The MOMentum series promotes the value of volunteerism by carefully matching moms with volunteer women from the community who act as Mentors, and who receive ongoing training and support from the program coordinator. The moms and mentors make a year-long commitment to meet weekly for support, friendship, and fun.

As well as the weekly pair meetings, there is a monthly gathering at a local community centre where all the moms and mentors, together with their kids, share a nutritious meal and listen to speakers on a variety of relevant topics (e.g. cooking on a shoestring budget, financial literacy, container vegetable gardening, adolescent sexual health). While the moms and mentors enjoy some “adult time”, the kids play and get to know each other under the supervision of fully-trained ECE-qualified childcare providers.

The program, which has been running in Victoria for 14 years, is offered free of charge to the moms who participate.

An October 13, 2019, CBC News article includes an interview with Sanni Rosebrock, the program coordinator with the resource centre. She comments, “So many of the moms in the program either don’t have family or don’t have anybody neutral, or just need to kind of navigate being single with children.”

Lynn McCaughey, who has volunteered with the program since her retirement, notes, “[One of the] first moms I mentored said you feel like you’ve been left behind and everybody else is able to go out on outings on the weekend. You can’t afford it. You can’t take your kids to the museum. You can’t necessarily participate in things in the community.” One of the moms who has been paired with McCaughey says that meeting McCaughey changed her life. McCaughey was able to help her with anything from improving her resume to helping clean her oven. “Even now if I have a problem, I call Lynn, not my mother, not my family. I call her. Without her, I don’t know who I would be.”

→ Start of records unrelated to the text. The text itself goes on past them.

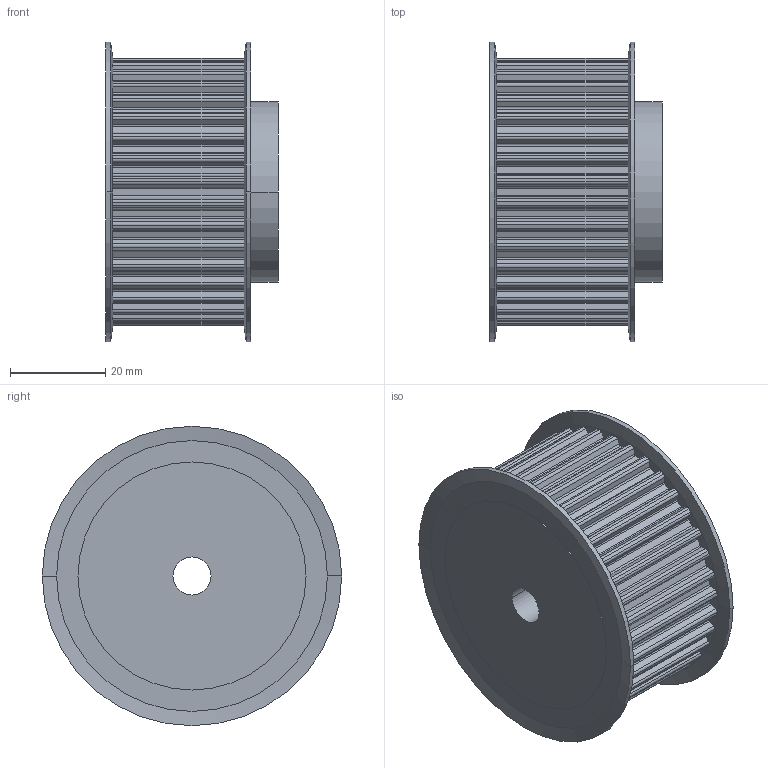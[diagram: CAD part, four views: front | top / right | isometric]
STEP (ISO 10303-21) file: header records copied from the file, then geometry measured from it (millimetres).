
FILE_DESCRIPTION( ( '' ), '1' );
FILE_NAME( 'C:/Users/Stangenbergd/Documents/CAD_Step/1/16243600.stp', '2021-10-19T08:46:17', ( '' ), ( '' ), ' ', ' ', ' ' );
FILE_SCHEMA( ( 'CONFIG_CONTROL_DESIGN' ) );
Length unit declared in the file: millimetre
Products named in the file (1): 1
Bounding box: 36.27 x 63 x 63 mm (x, y, z)
Volume: 75984.3 mm3; surface area: 16984.4 mm2
Topology: 1 solids, 1 shells, 315 faces, 916 edges, 608 vertices
Faces by surface type: cylinder 192, plane 115, cone 8
Entity records: 10606 total; most frequent: DIRECTION 1940, CARTESIAN_POINT 1840, ORIENTED_EDGE 1832, EDGE_CURVE 916, AXIS2_PLACEMENT_3D 708, VERTEX_POINT 608, LINE 524, VECTOR 524
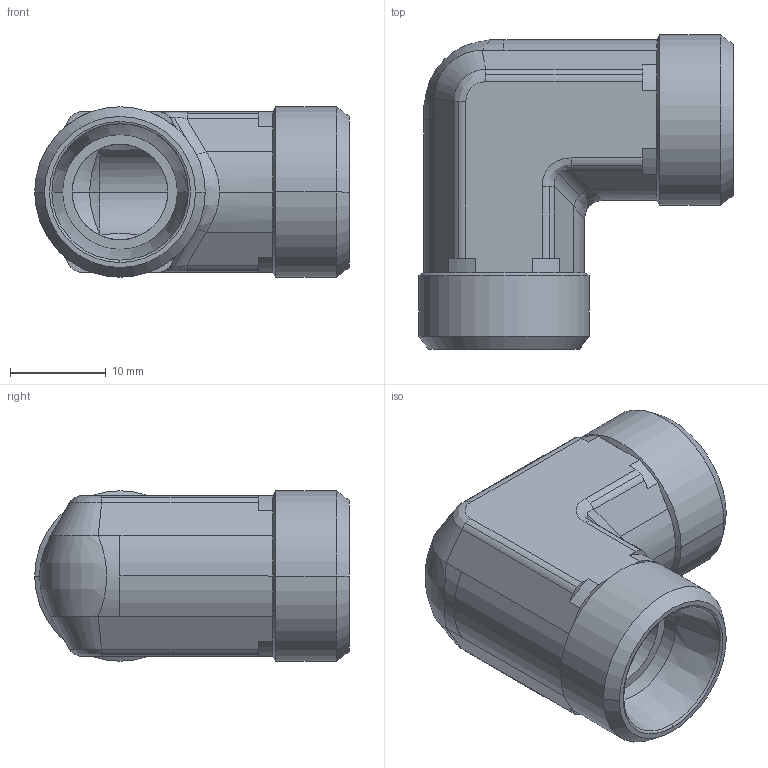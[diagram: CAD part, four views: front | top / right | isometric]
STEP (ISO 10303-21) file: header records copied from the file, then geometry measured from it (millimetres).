
FILE_DESCRIPTION((''),'2;1');
FILE_NAME('103807.stp','2007-10-31T11:53:47',(''),(''),'AutoCAD STEP 2000i','AutoCAD 2000i',', , ');
FILE_SCHEMA(('CONFIG_CONTROL_DESIGN'));
Length unit declared in the file: millimetre
Products named in the file (2): 103807.0; 3090#0
Assembly tree (1 placements, depth 2):
  103807.0
    3090#0
Bounding box: 32.92 x 32.92 x 17.85 mm (x, y, z)
Volume: 6879.5 mm3; surface area: 4482.6 mm2
Topology: 1 solids, 1 shells, 120 faces, 282 edges, 166 vertices
Faces by surface type: cylinder 52, plane 34, cone 20, bspline 14
Entity records: 4291 total; most frequent: CARTESIAN_POINT 1410, DIRECTION 622, ORIENTED_EDGE 564, EDGE_CURVE 282, AXIS2_PLACEMENT_3D 250, VERTEX_POINT 166, CIRCLE 124, EDGE_LOOP 124

Rosebrock expressed a concern that people seem to have less time now to commit to the program, that the city is getting busier every year. The program has such value, that she is hopeful potential mentors will continue to make time to volunteer. The program has clearly demonstrated that the gift of time pays off significant community dividends in the close relationships and increased capacity of the moms who are supported in through these one-to-one connections.